> [Extracted entries]:
►

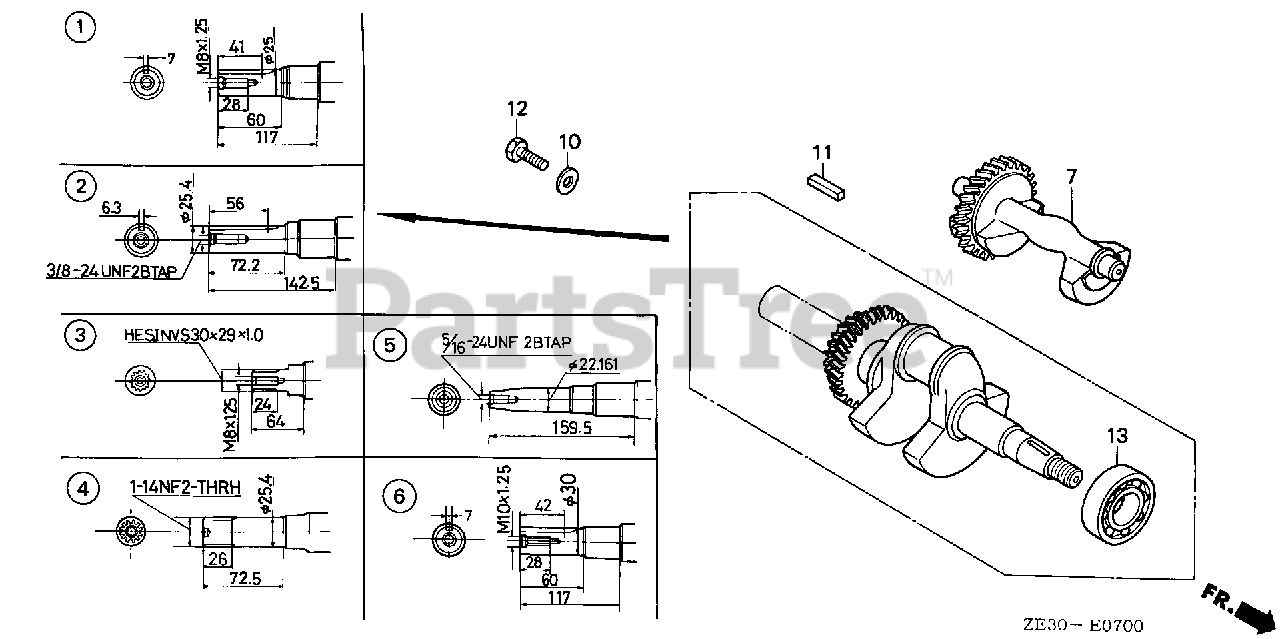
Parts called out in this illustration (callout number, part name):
3	CRANKSHAFT (NOT AVAILABLE)
3	CRANKSHAFT
7	WEIGHT, BALANCER (NOT AVAILABLE)
7	WEIGHT, BALANCER
13	BEARING, RADIAL BALL (6207)

◄

> [Exercise]: Every line of the listing should be repeated exactly; no picture should appear.

> [Response box]:
Parts called out in this illustration (callout number, part name):
3	CRANKSHAFT (NOT AVAILABLE)
3	CRANKSHAFT
7	WEIGHT, BALANCER (NOT AVAILABLE)
7	WEIGHT, BALANCER
13	BEARING, RADIAL BALL (6207)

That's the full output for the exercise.